• _Activity_: Below are entries to examine: work out how many lines contain the word "layers", and give only that number.

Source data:
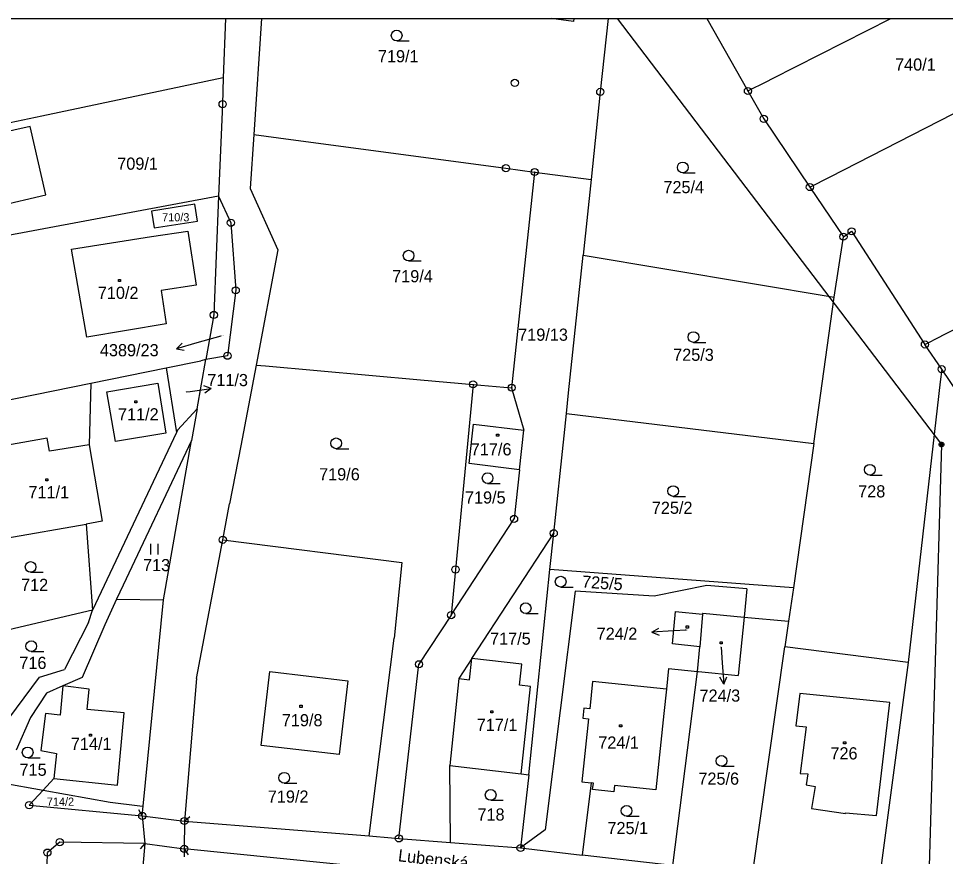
# Model space of a CAD drawing. Extents: x -468021 to -466942, y -1130484 to -1128584.
# Drawn here: x -467187.2 to -467057.5, y -1128701.2 to -1128583.9 of the extents above; entities that cross this region are included whole.
import ezdxf

# ---------------------------------------------------------------- set-up
doc = ezdxf.new("R2010")
doc.units = 0
doc.layers.add('Default', color=7, linetype='Continuous')
doc.layers.add('DKM', color=7, linetype='Continuous')

msp = doc.modelspace()

# ---------------------------------------------------------------- linework, layer by layer
at = {"layer": 'Default'}
msp.add_lwpolyline([(-468020.6, -1128583.91), (-466941.68, -1128583.91), (-466941.68, -1130484.41), (-468020.6, -1130484.41)], close=True, dxfattribs=at)
at = {"layer": 'DKM'}
for p, q in [((-467158.22, -1128583.91), (-467158.54, -1128592.19)), ((-467153.21, -1128583.91), (-467154.29, -1128600.14)), ((-467109.55, -1128584.33), (-467112.68, -1128583.91)), ((-467109.49, -1128583.91), (-467109.55, -1128584.33)), ((-467104.73, -1128583.91), (-467105.81, -1128594.18)), ((-467103.43, -1128583.91), (-467058.09, -1128643.52)), ((-467090.92, -1128583.91), (-467085.16, -1128594.05)), ((-467081.7, -1128592.3), (-467065.19, -1128583.91)), ((-467073.66, -1128606.06), (-467030.36, -1128583.91)), ((-467134.29, -1128587.05), (-467132.54, -1128587.05)), ((-467158.54, -1128592.19), (-467183.9, -1128597.56)), ((-467158.54, -1128592.19), (-467158.64, -1128595.9)), ((-467082.51, -1128592.71), (-467081.7, -1128592.3)), ((-467085.16, -1128594.05), (-467082.51, -1128592.71)), ((-467105.81, -1128594.18), (-467107.1, -1128606.44)), ((-467085.16, -1128594.05), (-467082.94, -1128597.95)), ((-467158.64, -1128595.9), (-467159.2, -1128608.79)), ((-467183.9, -1128597.56), (-467209.39, -1128602.97)), ((-467082.94, -1128597.95), (-467076.49, -1128607.5)), ((-467185.56, -1128599), (-467195.97, -1128601.35)), ((-467183.35, -1128608.6), (-467185.56, -1128599)), ((-467154.29, -1128600.14), (-467154.8, -1128607.7)), ((-467154.29, -1128600.14), (-467150.82, -1128600.6)), ((-467150.82, -1128600.6), (-467119.01, -1128604.85)), ((-467010.51, -1128604.05), (-467059.4, -1128629.02)), ((-467119.01, -1128604.85), (-467114.99, -1128605.39)), ((-467114.99, -1128605.39), (-467118.21, -1128635.57)), ((-467114.99, -1128605.39), (-467107.1, -1128606.44)), ((-467107.1, -1128606.44), (-467108.21, -1128617.02)), ((-467094.27, -1128605.5), (-467092.52, -1128605.5)), ((-467076.49, -1128607.5), (-467073.66, -1128606.06)), ((-467154.8, -1128607.7), (-467150.9, -1128616.3)), ((-467076.49, -1128607.5), (-467071.8, -1128614.44)), ((-467159.2, -1128608.79), (-467205.52, -1128617.4)), ((-467191.95, -1128610.58), (-467183.35, -1128608.6)), ((-467159.2, -1128608.79), (-467159.86, -1128625.39)), ((-467159.2, -1128608.79), (-467157.48, -1128612.49)), ((-467162.54, -1128609.9), (-467168.57, -1128610.86)), ((-467162.16, -1128612.26), (-467162.54, -1128609.9)), ((-467168.57, -1128610.86), (-467168.2, -1128613.22)), ((-467168.2, -1128613.22), (-467162.16, -1128612.26)), ((-467157.48, -1128612.49), (-467156.8, -1128621.94)), ((-467179.79, -1128616.17), (-467168.58, -1128614.43)), ((-467168.58, -1128614.43), (-467163.5, -1128613.67)), ((-467163.5, -1128613.67), (-467162.34, -1128621.21)), ((-467073.08, -1128622.9), (-467071.8, -1128614.44)), ((-467071.8, -1128614.44), (-467070.66, -1128613.69)), ((-467070.66, -1128613.69), (-467060.4, -1128629.52)), ((-467177.65, -1128628.52), (-467179.79, -1128616.17)), ((-467150.9, -1128616.3), (-467153.96, -1128632.41)), ((-467110.24, -1128636.27), (-467108.21, -1128617.02)), ((-467108.21, -1128617.02), (-467073.08, -1128622.9)), ((-467132.62, -1128617.84), (-467130.87, -1128617.84)), ((-467173.2, -1128620.41), (-467172.9, -1128620.41)), ((-467173.2, -1128620.71), (-467173.2, -1128620.41)), ((-467172.9, -1128620.71), (-467173.2, -1128620.71)), ((-467172.9, -1128620.41), (-467172.9, -1128620.71)), ((-467162.34, -1128621.21), (-467167.25, -1128621.96)), ((-467167.25, -1128621.96), (-467166.53, -1128626.65)), ((-467156.8, -1128621.94), (-467157.95, -1128631.1)), ((-467075.95, -1128643.37), (-467073.08, -1128622.9)), ((-467159.86, -1128625.39), (-467160.97, -1128631.64)), ((-467166.53, -1128626.65), (-467177.65, -1128628.52)), ((-467158.89, -1128628.35), (-467162.22, -1128629.29)), ((-467162.22, -1128629.29), (-467165.1, -1128630.11)), ((-467165.1, -1128630.11), (-467164.28, -1128629.35)), ((-467092.78, -1128629.23), (-467091.03, -1128629.23)), ((-467060.4, -1128629.52), (-467059.4, -1128629.02)), ((-467058.06, -1128632.98), (-467060.4, -1128629.52)), ((-467165.1, -1128630.11), (-467164.01, -1128630.32)), ((-467157.95, -1128631.1), (-467160.97, -1128631.64)), ((-467166.51, -1128632.77), (-467161.68, -1128631.79)), ((-467162.19, -1128638.52), (-467160.97, -1128631.64)), ((-467160.97, -1128631.64), (-467161.68, -1128631.79)), ((-467153.96, -1128632.41), (-467156.1, -1128643.7)), ((-467153.96, -1128632.41), (-467152.62, -1128632.53)), ((-467152.62, -1128632.53), (-467130.97, -1128634.46)), ((-467177.07, -1128634.93), (-467166.51, -1128632.77)), ((-467166.51, -1128632.77), (-467165.09, -1128641.83)), ((-467058.06, -1128632.98), (-467058.26, -1128634.74)), ((-467051.3, -1128642.96), (-467058.06, -1128632.98)), ((-467199.55, -1128639.52), (-467177.07, -1128634.93)), ((-467177.07, -1128634.93), (-467177.32, -1128643.57)), ((-467174.83, -1128636.13), (-467167.71, -1128634.94)), ((-467167.71, -1128634.94), (-467166.6, -1128641.95)), ((-467130.97, -1128634.46), (-467123.6, -1128635.1)), ((-467123.6, -1128635.1), (-467126.06, -1128661.01)), ((-467123.6, -1128635.1), (-467118.21, -1128635.57)), ((-467058.26, -1128634.74), (-467062.73, -1128674.01)), ((-467173.63, -1128643.08), (-467174.83, -1128636.13)), ((-467163.73, -1128636.17), (-467163.19, -1128636.1)), ((-467163.19, -1128636.1), (-467160.22, -1128635.69)), ((-467160.22, -1128635.69), (-467161.28, -1128635.33)), ((-467160.22, -1128635.69), (-467161.14, -1128636.32)), ((-467118.21, -1128635.57), (-467116.49, -1128641.49)), ((-467110.55, -1128639.18), (-467110.24, -1128636.27)), ((-467170.92, -1128637.4), (-467170.62, -1128637.4)), ((-467170.92, -1128637.7), (-467170.92, -1128637.4)), ((-467170.62, -1128637.7), (-467170.92, -1128637.7)), ((-467170.62, -1128637.4), (-467170.62, -1128637.7)), ((-467164.94, -1128641.51), (-467162.19, -1128638.52)), ((-467162.19, -1128638.52), (-467162.98, -1128642.96)), ((-467110.88, -1128642.31), (-467110.55, -1128639.18)), ((-467110.55, -1128639.18), (-467075.95, -1128643.37)), ((-467164.94, -1128641.51), (-467165.09, -1128641.83)), ((-467124.15, -1128646.16), (-467123.54, -1128640.65)), ((-467123.54, -1128640.65), (-467116.49, -1128641.49)), ((-467117.11, -1128647.07), (-467116.49, -1128641.49)), ((-467183.19, -1128642.63), (-467188.69, -1128643.59)), ((-467182.87, -1128644.47), (-467183.19, -1128642.63)), ((-467165.09, -1128641.83), (-467176.84, -1128666.7)), ((-467166.6, -1128641.95), (-467173.63, -1128643.08)), ((-467162.98, -1128642.96), (-467172.56, -1128663.22)), ((-467166.9, -1128665.24), (-467162.98, -1128642.96)), ((-467120.32, -1128642.07), (-467120.02, -1128642.07)), ((-467120.32, -1128642.37), (-467120.32, -1128642.07)), ((-467120.02, -1128642.37), (-467120.32, -1128642.37)), ((-467120.02, -1128642.07), (-467120.02, -1128642.37)), ((-467112.32, -1128655.94), (-467110.88, -1128642.31)), ((-467177.32, -1128643.57), (-467182.87, -1128644.47)), ((-467177.32, -1128643.57), (-467175.48, -1128654.26)), ((-467156.1, -1128643.7), (-467157.65, -1128651.81)), ((-467142.75, -1128644.1), (-467141, -1128644.1)), ((-467075.95, -1128643.37), (-467078.8, -1128663.55)), ((-467058.09, -1128643.52), (-467060.41, -1128723.66)), ((-467058.42, -1128643.45), (-467058.36, -1128643.32)), ((-467058.42, -1128643.59), (-467058.42, -1128643.45)), ((-467058.36, -1128643.72), (-467058.42, -1128643.59)), ((-467058.36, -1128643.32), (-467058.29, -1128643.25)), ((-467058.29, -1128643.79), (-467058.36, -1128643.72)), ((-467058.29, -1128643.25), (-467058.16, -1128643.19)), ((-467058.29, -1128643.39), (-467058.29, -1128643.65)), ((-467058.29, -1128643.65), (-467058.16, -1128643.72)), ((-467058.16, -1128643.85), (-467058.29, -1128643.79)), ((-467058.16, -1128643.19), (-467058.02, -1128643.19)), ((-467058.16, -1128643.72), (-467058.16, -1128643.32)), ((-467058.16, -1128643.32), (-467058.02, -1128643.32)), ((-467058.02, -1128643.85), (-467058.16, -1128643.85)), ((-467058.02, -1128643.19), (-467057.89, -1128643.25)), ((-467058.02, -1128643.32), (-467058.02, -1128643.72)), ((-467058.02, -1128643.72), (-467057.89, -1128643.65)), ((-467057.89, -1128643.79), (-467058.02, -1128643.85)), ((-467057.89, -1128643.25), (-467057.82, -1128643.32)), ((-467057.89, -1128643.65), (-467057.89, -1128643.39)), ((-467057.82, -1128643.72), (-467057.89, -1128643.79)), ((-467057.82, -1128643.32), (-467057.76, -1128643.45)), ((-467057.76, -1128643.59), (-467057.82, -1128643.72)), ((-467057.76, -1128643.45), (-467057.76, -1128643.59)), ((-467117.11, -1128647.07), (-467124.15, -1128646.16)), ((-467117.11, -1128647.07), (-467117.87, -1128653.93)), ((-467068.11, -1128647.8), (-467066.36, -1128647.8)), ((-467183.36, -1128648.31), (-467183.06, -1128648.31)), ((-467183.36, -1128648.61), (-467183.36, -1128648.31)), ((-467183.06, -1128648.61), (-467183.36, -1128648.61)), ((-467183.06, -1128648.31), (-467183.06, -1128648.61)), ((-467121.57, -1128648.97), (-467119.82, -1128648.97)), ((-467158.61, -1128656.85), (-467157.65, -1128651.81)), ((-467095.62, -1128650.78), (-467093.87, -1128650.78)), ((-467175.48, -1128654.26), (-467177.72, -1128654.65)), ((-467126.67, -1128667.39), (-467117.87, -1128653.93)), ((-467188.94, -1128656.62), (-467177.72, -1128654.65)), ((-467177.72, -1128654.65), (-467176.84, -1128666.7)), ((-467123.76, -1128673.45), (-467112.32, -1128655.94)), ((-467112.85, -1128661), (-467112.32, -1128655.94)), ((-467162.29, -1128676.26), (-467158.61, -1128656.85)), ((-467158.61, -1128656.85), (-467133.56, -1128660.05)), ((-467168.69, -1128658.9), (-467168.69, -1128657.4)), ((-467167.69, -1128657.4), (-467167.69, -1128658.9)), ((-467133.56, -1128660.05), (-467134.63, -1128670.62)), ((-467126.06, -1128661.01), (-467126.67, -1128667.39)), ((-467115.81, -1128689.74), (-467112.85, -1128661)), ((-467078.8, -1128663.55), (-467112.85, -1128661)), ((-467185.49, -1128661.4), (-467183.74, -1128661.4)), ((-467172.56, -1128663.22), (-467173.47, -1128665.18)), ((-467111.35, -1128663.46), (-467109.6, -1128663.46)), ((-467090.91, -1128663.26), (-467098.26, -1128664.74)), ((-467085.3, -1128663.72), (-467090.91, -1128663.26)), ((-467085.3, -1128663.72), (-467085.69, -1128667.66)), ((-467078.8, -1128663.55), (-467079.47, -1128668.25)), ((-467109.31, -1128664.05), (-467113.54, -1128697.43)), ((-467098.26, -1128664.74), (-467109.31, -1128664.05)), ((-467173.47, -1128665.18), (-467175.12, -1128668.73)), ((-467173.47, -1128665.18), (-467166.9, -1128665.24)), ((-467169.74, -1128694.12), (-467166.9, -1128665.24)), ((-467176.84, -1128666.7), (-467191.29, -1128670.11)), ((-467177.38, -1128668.4), (-467176.84, -1128666.7)), ((-467126.67, -1128667.39), (-467131.17, -1128674.27)), ((-467116.24, -1128667.17), (-467114.49, -1128667.17)), ((-467095.69, -1128671.4), (-467095.27, -1128666.88)), ((-467095.27, -1128666.88), (-467091.49, -1128667.24)), ((-467091.49, -1128667.24), (-467091.89, -1128671.84)), ((-467091.48, -1128667.11), (-467091.49, -1128667.24)), ((-467091.48, -1128667.11), (-467085.69, -1128667.66)), ((-467177.38, -1128668.4), (-467180.73, -1128675.02)), ((-467175.12, -1128668.73), (-467178.3, -1128676.11)), ((-467093.79, -1128668.9), (-467093.49, -1128668.9)), ((-467093.79, -1128669.2), (-467093.79, -1128668.9)), ((-467093.49, -1128668.9), (-467093.49, -1128669.2)), ((-467085.69, -1128667.66), (-467086.51, -1128675.83)), ((-467085.69, -1128667.66), (-467079.47, -1128668.25)), ((-467079.47, -1128668.25), (-467079.99, -1128671.84)), ((-467098.59, -1128669.76), (-467097.61, -1128669.21)), ((-467095.59, -1128669.6), (-467098.59, -1128669.76)), ((-467098.59, -1128669.76), (-467097.56, -1128670.21)), ((-467093.75, -1128669.5), (-467095.59, -1128669.6)), ((-467093.49, -1128669.2), (-467093.79, -1128669.2)), ((-467138.16, -1128698.27), (-467134.63, -1128670.62)), ((-467091.89, -1128671.84), (-467095.69, -1128671.4)), ((-467089.05, -1128671.13), (-467088.75, -1128671.13)), ((-467089.05, -1128671.43), (-467089.05, -1128671.13)), ((-467088.75, -1128671.43), (-467089.05, -1128671.43)), ((-467088.75, -1128671.13), (-467088.75, -1128671.43)), ((-467185.4, -1128672.48), (-467183.65, -1128672.48)), ((-467092.2, -1128675.27), (-467091.89, -1128671.84)), ((-467088.92, -1128671.89), (-467088.75, -1128674.06)), ((-467084.53, -1128703.69), (-467079.99, -1128671.84)), ((-467062.73, -1128674.01), (-467079.99, -1128671.84)), ((-467123.76, -1128673.45), (-467125.59, -1128676.25)), ((-467124.08, -1128676.43), (-467123.76, -1128673.45)), ((-467116.79, -1128674.25), (-467123.76, -1128673.45)), ((-467088.75, -1128674.06), (-467088.53, -1128677.05)), ((-467062.73, -1128674.01), (-467066.96, -1128705.68)), ((-467184.23, -1128676.05), (-467180.73, -1128675.02)), ((-467153.25, -1128685.62), (-467152.02, -1128675.3)), ((-467152.02, -1128675.3), (-467141.13, -1128676.58)), ((-467133.98, -1128698.63), (-467131.17, -1128674.27)), ((-467117.12, -1128677.2), (-467116.79, -1128674.25)), ((-467096.26, -1128674.87), (-467096.57, -1128677.75)), ((-467096.26, -1128674.87), (-467092.2, -1128675.27)), ((-467095.66, -1128702.41), (-467092.2, -1128675.27)), ((-467092.2, -1128675.27), (-467092.07, -1128675.28)), ((-467092.07, -1128675.28), (-467086.51, -1128675.83)), ((-467188.54, -1128681.84), (-467184.23, -1128676.05)), ((-467178.3, -1128676.11), (-467180.98, -1128677.3)), ((-467162.29, -1128676.26), (-467163.98, -1128696.2)), ((-467141.13, -1128676.58), (-467142.35, -1128686.89)), ((-467125.59, -1128676.25), (-467126.84, -1128688.44)), ((-467125.59, -1128676.25), (-467124.08, -1128676.43)), ((-467106.88, -1128676.66), (-467107.29, -1128680.5)), ((-467096.57, -1128677.75), (-467106.88, -1128676.66)), ((-467088.53, -1128677.05), (-467089.1, -1128676.09)), ((-467088.53, -1128677.05), (-467088.1, -1128676.02)), ((-467180.98, -1128677.3), (-467183.25, -1128678.32)), ((-467180.98, -1128677.3), (-467181.37, -1128681.4)), ((-467177.32, -1128677.73), (-467180.98, -1128677.3)), ((-467177.58, -1128680.6), (-467177.32, -1128677.73)), ((-467115.57, -1128677.4), (-467117.12, -1128677.2)), ((-467116.89, -1128689.61), (-467115.57, -1128677.4)), ((-467096.57, -1128677.75), (-467096.93, -1128681.15)), ((-467183.25, -1128678.32), (-467185.51, -1128681.73)), ((-467077.91, -1128678.36), (-467078.46, -1128682.9)), ((-467065.32, -1128679.6), (-467077.91, -1128678.36)), ((-467147.83, -1128680), (-467147.53, -1128680)), ((-467147.83, -1128680.3), (-467147.83, -1128680)), ((-467147.53, -1128680.3), (-467147.83, -1128680.3)), ((-467147.53, -1128680), (-467147.53, -1128680.3)), ((-467108.12, -1128680.41), (-467108.27, -1128681.81)), ((-467107.29, -1128680.5), (-467108.12, -1128680.41)), ((-467067.17, -1128695.45), (-467065.32, -1128679.6)), ((-467185.51, -1128681.73), (-467187.49, -1128686.3)), ((-467183.41, -1128681.14), (-467184.08, -1128686.34)), ((-467181.37, -1128681.4), (-467183.41, -1128681.14)), ((-467172.4, -1128681.08), (-467177.58, -1128680.6)), ((-467173.34, -1128691.17), (-467172.4, -1128681.08)), ((-467121.13, -1128680.77), (-467120.83, -1128680.77)), ((-467121.13, -1128681.07), (-467121.13, -1128680.77)), ((-467120.83, -1128681.07), (-467121.13, -1128681.07)), ((-467120.83, -1128680.77), (-467120.83, -1128681.07)), ((-467108.27, -1128681.81), (-467107.44, -1128681.9)), ((-467096.93, -1128681.15), (-467098.06, -1128691.82)), ((-467107.44, -1128681.9), (-467108.37, -1128690.73)), ((-467103.1, -1128682.73), (-467102.8, -1128682.73)), ((-467103.1, -1128683.03), (-467103.1, -1128682.73)), ((-467102.8, -1128683.03), (-467103.1, -1128683.03)), ((-467102.8, -1128682.73), (-467102.8, -1128683.03)), ((-467078.46, -1128682.9), (-467076.99, -1128683.02)), ((-467076.99, -1128683.02), (-467077.86, -1128689.54)), ((-467177.26, -1128684.04), (-467176.96, -1128684.04)), ((-467177.26, -1128684.34), (-467177.26, -1128684.04)), ((-467176.96, -1128684.34), (-467177.26, -1128684.34)), ((-467176.96, -1128684.04), (-467176.96, -1128684.34)), ((-467142.35, -1128686.89), (-467153.25, -1128685.62)), ((-467071.78, -1128685.1), (-467071.48, -1128685.1)), ((-467071.78, -1128685.4), (-467071.78, -1128685.1)), ((-467071.48, -1128685.4), (-467071.78, -1128685.4)), ((-467071.48, -1128685.1), (-467071.48, -1128685.4)), ((-467184.08, -1128686.34), (-467181.89, -1128686.73)), ((-467181.89, -1128686.73), (-467182.23, -1128690.23)), ((-467185.9, -1128687.35), (-467184.15, -1128687.35)), ((-467126.84, -1128688.44), (-467116.89, -1128689.61)), ((-467126.74, -1128699.22), (-467126.84, -1128688.44)), ((-467116.89, -1128689.61), (-467115.81, -1128689.74)), ((-467088.85, -1128688.54), (-467087.1, -1128688.54)), ((-467077.86, -1128689.54), (-467076.77, -1128689.62)), ((-467076.77, -1128689.62), (-467077.03, -1128691.13)), ((-467189.45, -1128690.87), (-467183.75, -1128691.88)), ((-467182.23, -1128690.23), (-467183.75, -1128691.88)), ((-467182.23, -1128690.23), (-467173.34, -1128691.17)), ((-467150.02, -1128690.9), (-467148.27, -1128690.9)), ((-467115.81, -1128689.74), (-467116.96, -1128699.97)), ((-467108.37, -1128690.73), (-467107.1, -1128690.87)), ((-467107.1, -1128690.87), (-467108.34, -1128700.96)), ((-467106.78, -1128690.9), (-467107.1, -1128690.87)), ((-467106.88, -1128691.79), (-467106.78, -1128690.9)), ((-467183.75, -1128691.88), (-467185.69, -1128693.98)), ((-467183.75, -1128691.88), (-467174.37, -1128693.54)), ((-467103.91, -1128692.11), (-467106.88, -1128691.79)), ((-467103.82, -1128691.21), (-467103.91, -1128692.11)), ((-467098.06, -1128691.82), (-467103.82, -1128691.21)), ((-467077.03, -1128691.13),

• _Result of this task_: 2